Mixed Use Cash-Out Bridge Loan

An investor owned a mixed-use property with 4 residential units on the upper floors and 4 retail units on the ground level. The property had appreciated substantially since the original purchase five years earlier, driven by neighborhood improvements, rising rents in both the residential and retail components, and low vacancy. All eight units were leased, and the property was generating stable monthly cash flow. The investor wanted to pull equity from the property to fund a separate commercial real estate acquisition without selling the asset or disrupting the existing tenants. The investor's portfolio strategy relied on retaining performing assets while recycling equity into new deals, and this property had significant untapped equity that could be deployed productively.

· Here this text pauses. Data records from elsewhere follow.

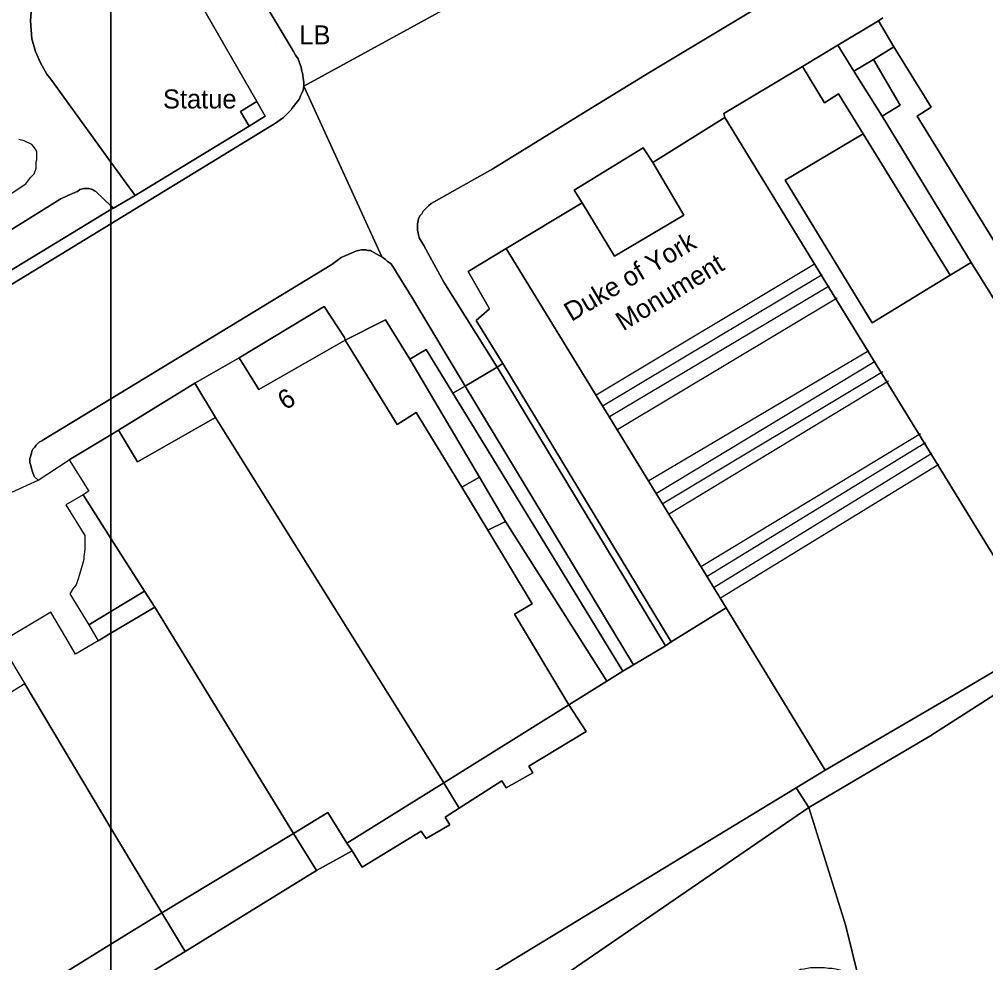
# Model space of a CAD drawing. Extents: x 529240 to 530363, y 179600 to 180767.
# Drawn here: x 529708.8 to 529784.9, y 180192.1 to 180266.5 of the extents above; entities that cross this region are included whole.
import ezdxf

# ---------------------------------------------------------------- set-up
doc = ezdxf.new("R2010")
doc.units = 0
for name, color, linetype in [('Building', 7, 'Continuous'), ('General surface', 7, 'Continuous'), ('Natural environment', 7, 'Continuous'), ('Path', 7, 'Continuous'), ('Road Or Track', 7, 'Continuous'), ('Roadside', 7, 'Continuous'), ('Structure', 7, 'Continuous'), ('Unclassified', 7, 'Continuous')]:
    doc.layers.add(name, color=color, linetype=linetype)

msp = doc.modelspace()

# ---------------------------------------------------------------- linework, layer by layer
at = {"layer": 'Building'}
for points in [[(529776.85, 180266.6), (529776.5, 180266.35), (529777.7, 180264.3), (529780.65, 180259.55), (529779.55, 180258.85), (529788.6, 180244.15)], [(529776.85, 180266.6), (529776.5, 180266.35)], [(529777.7, 180264.3), (529776.5, 180266.35)], [(529794, 180237.65), (529789.6, 180244.8), (529788.6, 180244.15), (529779.55, 180258.85), (529780.65, 180259.55), (529777.7, 180264.3)], [(529782.15, 180246.3), (529776, 180242.55), (529769.15, 180253.8), (529775.3, 180257.45)], [(529775.3, 180257.45), (529782.15, 180246.3)], [(529734.45, 180241.2), (529727.65, 180237.3), (529726.1, 180239.8)], [(529734.45, 180241.2), (529734.4, 180241.4)], [(529734.45, 180241.2), (529738.55, 180234.55), (529740.05, 180235.5), (529743.65, 180229.6)], [(529726.1, 180239.8), (529722.6, 180237.8)], [(529722.6, 180237.8), (529724.25, 180235.1)], [(529724.25, 180235.1), (529718.1, 180231.6), (529716.6, 180234.1)], [(529724.25, 180235.1), (529742.25, 180206.3)], [(529716.6, 180234.1), (529716, 180233.738)], [(529716, 180233.738), (529712.7, 180231.75)], [(529743.65, 180229.6), (529745.7, 180226.2)], [(529713.8, 180229), (529716, 180225.553)], [(529716, 180225.553), (529718.65, 180221.4)], [(529745.7, 180226.2), (529749.2, 180220.4), (529747.8, 180219.6), (529752.1, 180212.45)], [(529716, 180219.804), (529718.65, 180221.4)], [(529718.65, 180221.4), (529719.45, 180220.15)], [(529719.45, 180220.15), (529716, 180218.096)], [(529719.45, 180220.15), (529730.4, 180202.3)], [(529714.25, 180218.75), (529716, 180219.804)], [(529716, 180218.096), (529715, 180217.5)], [(529709.2, 180214.1), (529716, 180202.735)], [(529752.1, 180212.45), (529742.25, 180206.3)], [(529742.25, 180206.3), (529734.6, 180201.55)], [(529734.6, 180201.55), (529733.1, 180203.95), (529730.4, 180202.3)], [(529716, 180202.735), (529720, 180196.05)], [(529730.4, 180202.3), (529720, 180196.05)], [(529730.4, 180202.3), (529732.2, 180199.4)], [(529735, 180200.95), (529734.6, 180201.55)], [(529735, 180200.95), (529732.2, 180199.4)], [(529732.2, 180199.4), (529721.85, 180193)], [(529720, 180196.05), (529716, 180193.578)], [(529720, 180196.05), (529721.85, 180193)], [(529716, 180193.578), (529707.3, 180188.2)], [(529721.85, 180193), (529716, 180189.421)]]:
    msp.add_lwpolyline(points, dxfattribs=at)
for points in [[(529782.15, 180246.3), (529775.3, 180257.45), (529769.15, 180253.8), (529776, 180242.55)], [(529745.7, 180226.2), (529743.65, 180229.6), (529740.05, 180235.5), (529738.55, 180234.55), (529734.45, 180241.2), (529727.65, 180237.3), (529726.1, 180239.8), (529722.6, 180237.8), (529724.25, 180235.1), (529742.25, 180206.3), (529752.1, 180212.45), (529747.8, 180219.6), (529749.2, 180220.4)], [(529716, 180225.553), (529718.65, 180221.4), (529719.45, 180220.15), (529730.4, 180202.3), (529733.1, 180203.95), (529734.6, 180201.55), (529742.25, 180206.3), (529724.25, 180235.1), (529718.1, 180231.6), (529716.6, 180234.1), (529716, 180233.738)], [(529716, 180225.553), (529716, 180233.738), (529712.7, 180231.75), (529714.25, 180229.3), (529713.8, 180229)], [(529716, 180218.096), (529719.45, 180220.15), (529718.65, 180221.4), (529716, 180219.804)], [(529716, 180202.735), (529720, 180196.05), (529730.4, 180202.3), (529719.45, 180220.15), (529716, 180218.096)], [(529716, 180202.735), (529716, 180218.096), (529715, 180217.5), (529713.2, 180216.45), (529712.45, 180217.75), (529711.25, 180219.75), (529707.25, 180217.35), (529707.45, 180217.05), (529709.2, 180214.1)], [(529716, 180218.096), (529716, 180219.804), (529714.25, 180218.75), (529715, 180217.5)], [(529716, 180193.578), (529716, 180202.735), (529709.2, 180214.1), (529706.65, 180212.55), (529704.8, 180215.45), (529704.55, 180215.8), (529700.4, 180213.2), (529701.7, 180211.15), (529702.45, 180210), (529696.3, 180206.1), (529707.3, 180188.2)], [(529730.4, 180202.3), (529732.2, 180199.4), (529735, 180200.95), (529734.6, 180201.55), (529733.1, 180203.95)], [(529716, 180193.578), (529720, 180196.05), (529716, 180202.735)], [(529721.85, 180193), (529732.2, 180199.4), (529730.4, 180202.3), (529720, 180196.05)], [(529716, 180189.421), (529721.85, 180193), (529720, 180196.05), (529716, 180193.578)], [(529716, 180189.421), (529716, 180193.578), (529707.3, 180188.2), (529709.1, 180185.2)]]:
    msp.add_lwpolyline(points, close=True, dxfattribs=at)
at = {"layer": 'General surface'}
for points in [[(529776.5, 180266.35), (529773.3, 180264.45), (529774.55, 180262.4), (529776.1, 180263.3), (529777.7, 180264.3)], [(529775.3, 180257.45), (529782.15, 180246.3), (529783.8, 180247.3), (529776.8, 180258.85), (529774.55, 180262.4), (529773.3, 180264.45), (529770.5, 180262.75), (529772.25, 180259.9), (529773.35, 180260.6)], [(529795.1, 180235.6), (529794, 180237.65), (529789.6, 180244.8), (529788.6, 180244.15), (529779.55, 180258.85), (529780.65, 180259.55), (529777.7, 180264.3), (529776.1, 180263.3), (529778.2, 180259.7), (529776.8, 180258.85), (529783.8, 180247.3), (529790.55, 180236.45), (529792.15, 180237.3), (529793.8, 180234.85)], [(529776.1, 180263.3), (529774.55, 180262.4), (529776.8, 180258.85), (529778.2, 180259.7)], [(529734.45, 180241.2), (529734.4, 180241.4), (529732.8, 180243.85), (529726.1, 180239.8), (529727.65, 180237.3)], [(529737.65, 180242.8), (529734.45, 180241.2), (529738.55, 180234.55), (529740.05, 180235.5), (529743.65, 180229.6), (529745.05, 180230.4), (529739.55, 180239.7)], [(529743.93, 180237.57), (529757.2, 180215.6), (529759.7, 180217.1), (529746.45, 180239.07)], [(529722.6, 180237.8), (529716.6, 180234.1), (529718.1, 180231.6), (529724.25, 180235.1)], [(529747.1, 180226.9), (529745.05, 180230.4), (529743.65, 180229.6), (529745.7, 180226.2)], [(529716, 180219.804), (529716, 180225.553), (529713.8, 180229), (529712.45, 180228.2), (529713.95, 180225.8), (529713.95, 180224.7), (529713.85, 180224.15), (529713.85, 180223.9), (529713.55, 180222.8), (529713.4, 180222.3), (529713.25, 180221.9), (529713, 180221.6), (529712.75, 180221.2), (529714.25, 180218.75)], [(529745.7, 180226.2), (529749.2, 180220.4), (529747.8, 180219.6), (529752.1, 180212.45), (529755.1, 180214.3), (529747.1, 180226.9)], [(529716, 180219.804), (529718.65, 180221.4), (529716, 180225.553)], [(529772.3, 180207.3), (529770, 180205.9), (529771, 180204.35), (529780.55, 180209.98), (529792.04, 180217.33), (529795.6, 180213.47), (529800.09, 180209.09), (529800, 180209.4), (529799.85, 180209.7), (529799.55, 180210.6), (529799.5, 180210.85), (529799.5, 180211.55), (529799.55, 180211.75), (529799.6, 180212), (529799.8, 180212.5), (529805.55, 180216.7), (529801.05, 180224.3), (529798.35, 180222.65), (529789.7, 180217.5), (529782.39, 180213.19)], [(529752.1, 180212.45), (529742.25, 180206.3), (529743.45, 180204.3), (529746.8, 180206.45), (529747.15, 180205.9), (529749.25, 180207.1), (529748.95, 180207.6), (529753.45, 180210.35)], [(529716, 180166.623), (529771, 180204.35), (529770, 180205.9), (529739.62, 180187.44), (529729.1, 180181.05), (529716.27, 180173.25), (529716, 180173.086)], [(529743.45, 180204.3), (529742.25, 180206.3), (529734.6, 180201.55), (529735, 180200.95), (529735.8, 180199.65), (529740.45, 180202.5), (529740.85, 180201.9), (529742.7, 180203), (529742.35, 180203.6)], [(529716, 180166.623), (529716, 180154.06), (529749.3, 180177.15), (529770.35, 180191.6), (529770.65, 180191.65), (529771.15, 180191.75), (529772.25, 180191.75), (529772.55, 180191.7), (529772.85, 180191.7), (529773.15, 180191.65), (529773.45, 180191.55), (529773.55, 180191.5), (529773.85, 180191.4), (529774.35, 180191.1), (529774.99, 180190.74), (529773.91, 180195.12), (529771, 180204.35)]]:
    msp.add_lwpolyline(points, close=True, dxfattribs=at)
for points in [[(529790.55, 180236.45), (529783.8, 180247.3), (529782.15, 180246.3), (529776, 180242.55), (529769.15, 180253.8), (529775.3, 180257.45), (529773.35, 180260.6), (529772.25, 180259.9), (529770.5, 180262.75), (529764.3, 180259.05), (529764.4, 180258.75), (529773.15, 180244.45), (529781.2, 180231.3), (529789.7, 180217.5)], [(529739.62, 180187.44), (529770, 180205.9), (529772.3, 180207.3), (529764.5, 180220.1), (529760.15, 180217.4), (529759.7, 180217.1), (529757.2, 180215.6), (529756.35, 180215.1), (529755.1, 180214.3), (529752.1, 180212.45), (529753.45, 180210.35), (529748.95, 180207.6), (529749.25, 180207.1), (529747.15, 180205.9), (529746.8, 180206.45), (529743.45, 180204.3), (529742.35, 180203.6), (529742.7, 180203), (529740.85, 180201.9), (529740.45, 180202.5), (529735.8, 180199.65), (529735, 180200.95), (529732.2, 180199.4), (529721.85, 180193), (529716, 180189.421)]]:
    msp.add_lwpolyline(points, dxfattribs=at)
at = {"layer": 'Natural environment'}
for points in [[(529709.7, 180267.05), (529709.65, 180266.35), (529709.75, 180264.95), (529710.05, 180263.95), (529710.45, 180263.05), (529710.95, 180262.15), (529711.25, 180261.75), (529716, 180255.214), (529716, 180275.918)], [(529686.9, 180233.8), (529716, 180251.478), (529716, 180251.786), (529714.8, 180252.9), (529714.7, 180252.95), (529714.55, 180253.05), (529714.25, 180253.15), (529713.85, 180253.15), (529713.55, 180253.05), (529713.35, 180252.9), (529713.2, 180252.85), (529713.1, 180252.8), (529712.6, 180252.6), (529712, 180252.3), (529709.05, 180250.45), (529687, 180236.95)]]:
    msp.add_lwpolyline(points, dxfattribs=at)
for points in [[(529716, 180255.214), (529717.9, 180252.6), (529726.9, 180258.05), (529726.2, 180259.2), (529727.5, 180260), (529718.9, 180274.95), (529717.2, 180273.95), (529716, 180275.918)], [(529716, 180251.478), (529716.2, 180251.6), (529716, 180251.786)]]:
    msp.add_lwpolyline(points, close=True, dxfattribs=at)
at = {"layer": 'Path'}
for points in [[(529687, 180236.95), (529709.05, 180250.45), (529712, 180252.3), (529712.6, 180252.6), (529713.1, 180252.8), (529713.2, 180252.85), (529713.35, 180252.9), (529713.55, 180253.05), (529713.85, 180253.15), (529714.25, 180253.15), (529714.55, 180253.05), (529714.7, 180252.95), (529714.8, 180252.9), (529716, 180251.786), (529716, 180255.214), (529711.25, 180261.75), (529710.95, 180262.15), (529710.45, 180263.05), (529710.05, 180263.95), (529709.75, 180264.95), (529709.65, 180266.35), (529709.7, 180267.05)], [(529706.6, 180251.75), (529709.3, 180253.5), (529709.65, 180254), (529709.95, 180254.3), (529710.1, 180254.75), (529710.1, 180255.25), (529710.15, 180255.4), (529710.15, 180256), (529710.1, 180256.15), (529709.9, 180256.45), (529709.75, 180256.6), (529709.15, 180256.9), (529708.75, 180257)]]:
    msp.add_lwpolyline(points, dxfattribs=at)
for points in [[(529716, 180251.786), (529716.2, 180251.6), (529717.9, 180252.6), (529716, 180255.214)], [(529746.45, 180239.07), (529759.7, 180217.1), (529760.15, 180217.4), (529746.9, 180239.35)], [(529742.95, 180237), (529746.45, 180231.3), (529756.35, 180215.1), (529757.2, 180215.6), (529743.93, 180237.57)]]:
    msp.add_lwpolyline(points, close=True, dxfattribs=at)
at = {"layer": 'Road Or Track'}
for points in [[(529716, 180288.42), (529716.45, 180287.5), (529717.65, 180285.2), (529730.2, 180264.25), (529730.4, 180263.95), (529730.55, 180263.65), (529730.75, 180263.35), (529730.85, 180263.05), (529731, 180262.7), (529731.05, 180262.35), (529731.1, 180262.25), (529731.15, 180261.85), (529731.2, 180261.5), (529731.2, 180261.2), (529746.35, 180269.5), (529746.2, 180269.55), (529746, 180269.65), (529745.85, 180269.8), (529745.75, 180269.95), (529732.4, 180292.4), (529731.05, 180291.55), (529727.65, 180297.5), (529728.85, 180298.25), (529716, 180320.312)], [(529716, 180236.572), (529733.4, 180247.15), (529734.15, 180247.7), (529735.3, 180248.2), (529735.5, 180248.25), (529735.75, 180248.3), (529736.1, 180248.3), (529736.25, 180248.25), (529736.45, 180248.25), (529736.55, 180248.2), (529737.1, 180247.9), (529737.35, 180247.75), (529731.2, 180261.2), (529731.15, 180260.9), (529731.05, 180260.65), (529730.95, 180260.45), (529730.85, 180260.2), (529730.4, 180259.6), (529730.25, 180259.45), (529730.2, 180259.35), (529729.6, 180258.75), (529728.9, 180258.25), (529728.5, 180258), (529716, 180250.359)]]:
    msp.add_lwpolyline(points, close=True, dxfattribs=at)
for points in [[(529716, 180288.42), (529716.45, 180287.5), (529717.65, 180285.2), (529730.2, 180264.25), (529730.4, 180263.95), (529730.55, 180263.65), (529730.75, 180263.35), (529730.85, 180263.05), (529731, 180262.7), (529731.05, 180262.35), (529731.1, 180262.25), (529731.15, 180261.85), (529731.2, 180261.5), (529731.2, 180261.2)], [(529746.35, 180269.5), (529731.2, 180261.2), (529737.35, 180247.75), (529737.65, 180247.55), (529737.8, 180247.4), (529738.1, 180247.2), (529739.8, 180244.45), (529743.93, 180237.57), (529746.45, 180239.07), (529742.25, 180245.75), (529740.65, 180248.65), (529740.3, 180249.25), (529740.15, 180249.85), (529740.15, 180250.35), (529740.25, 180250.75), (529740.35, 180251), (529740.5, 180251.15), (529740.6, 180251.35), (529741.05, 180251.8), (529741.25, 180251.95), (529746.1, 180254.7), (529752.14, 180258.41), (529753.52, 180259.26), (529758.4, 180262.25), (529767.85, 180267.93)], [(529767.85, 180267.93), (529758.4, 180262.25), (529753.52, 180259.26), (529752.14, 180258.41), (529746.1, 180254.7), (529741.25, 180251.95), (529741.05, 180251.8), (529740.6, 180251.35), (529740.5, 180251.15), (529740.35, 180251), (529740.25, 180250.75), (529740.15, 180250.35), (529740.15, 180249.85), (529740.3, 180249.25), (529740.65, 180248.65), (529742.25, 180245.75)], [(529731.2, 180261.2), (529731.15, 180260.9), (529731.05, 180260.65), (529730.95, 180260.45), (529730.85, 180260.2), (529730.4, 180259.6), (529730.25, 180259.45), (529730.2, 180259.35), (529729.6, 180258.75), (529728.9, 180258.25), (529728.5, 180258), (529716, 180250.359)], [(529716, 180250.359), (529712.55, 180248.25), (529676.85, 180226.5), (529651.05, 180210.85), (529650.75, 180210.55), (529650.55, 180210.45), (529650.3, 180210.35), (529650.2, 180210.3), (529649.95, 180210.25), (529649.75, 180210.15), (529649.5, 180210.15)], [(529706.95, 180228.65), (529710.25, 180230.15), (529709.95, 180230.45), (529709.8, 180230.9), (529709.75, 180231), (529709.65, 180231.4), (529709.6, 180231.55), (529709.6, 180231.85), (529709.65, 180232), (529709.7, 180232.2), (529709.8, 180232.5), (529709.85, 180232.6), (529710, 180232.75), (529710.1, 180232.9), (529710.35, 180233.15), (529710.55, 180233.25), (529710.7, 180233.35), (529716, 180236.572), (529716, 180250.359), (529712.55, 180248.25), (529676.85, 180226.5)], [(529737.35, 180247.75), (529737.1, 180247.9), (529736.55, 180248.2), (529736.45, 180248.25), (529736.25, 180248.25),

Mixed Use Cash-Out Bridge Loan

Deal Summary

Units: 4 Res + 4 Retail
Loan Amount: $1.5M
Structure: 12-Mo I/O
Lender: Family Office

The Situation

An investor owned a mixed-use property with 4 residential units on the upper floors and 4 retail units on the ground level. The property had appreciated substantially since the original purchase five years earlier, driven by neighborhood improvements, rising rents in both the residential and retail components, and low vacancy. All eight units were leased, and the property was generating stable monthly cash flow. The investor wanted to pull equity from the property to fund a separate commercial real estate acquisition without selling the asset or disrupting the existing tenants. The investor's portfolio strategy relied on retaining performing assets while recycling equity into new deals, and this property had significant untapped equity that could be deployed productively.

The Challenge

Mixed-use properties with small unit counts fall into a tricky financing gap. The property was too small for most institutional commercial loan programs that typically target 10 or more units or larger retail centers. At the same time, the retail component made it ineligible for standard residential refinance products. The blended residential and retail income required a lender comfortable underwriting both asset types within a single property and blending the two income streams into a single valuation. Most banks and credit unions passed on the deal because their underwriting models were built for single-use assets. Cash-out refinances add another layer of scrutiny because the lender is advancing proceeds above the existing debt balance, requiring confidence in the property's appraised value and the borrower's ability to service the higher loan amount.

The Structure

CapitalAx sourced a family office lender that specialized in smaller mixed-use assets and had a track record of lending on properties with combined residential and retail components. The $1,500,000 cash-out bridge loan was structured as a 12-month interest-only facility, giving the borrower time to deploy the capital into the new acquisition and arrange permanent takeout financing on either or both properties. The interest-only structure kept the monthly debt service manageable during the transition period, and the family office offered a straightforward prepayment structure that allowed the borrower to refinance into permanent financing at any point during the term without penalty after the first six months.

The Solution

CapitalAx presented the deal with individual unit lease summaries for all eight units, historical rent rolls showing consistent occupancy and rent growth, a blended NOI analysis across the residential and retail components, and a clear refinance exit timeline supported by comparable sales and cap rate data in the neighborhood. The package also included the borrower's track record managing the property and a detailed plan for how the cash-out proceeds would be deployed. The family office funded based on the quality of the asset, the strength of the in-place leases, and the borrower's demonstrated ability to manage mixed-use properties.

The Outcome

The borrower accessed over $500,000 in equity without selling the property or disturbing any of the existing tenant relationships. The capital was deployed into a new commercial acquisition that closed within 60 days of the bridge loan funding. The investor retained full ownership of the mixed-use asset, which continued generating stable monthly cash flow from all eight units. Within six months, the borrower arranged permanent conventional financing to replace the bridge loan, locking in a lower long-term rate and extending the amortization, further improving the property's cash-on-cash return.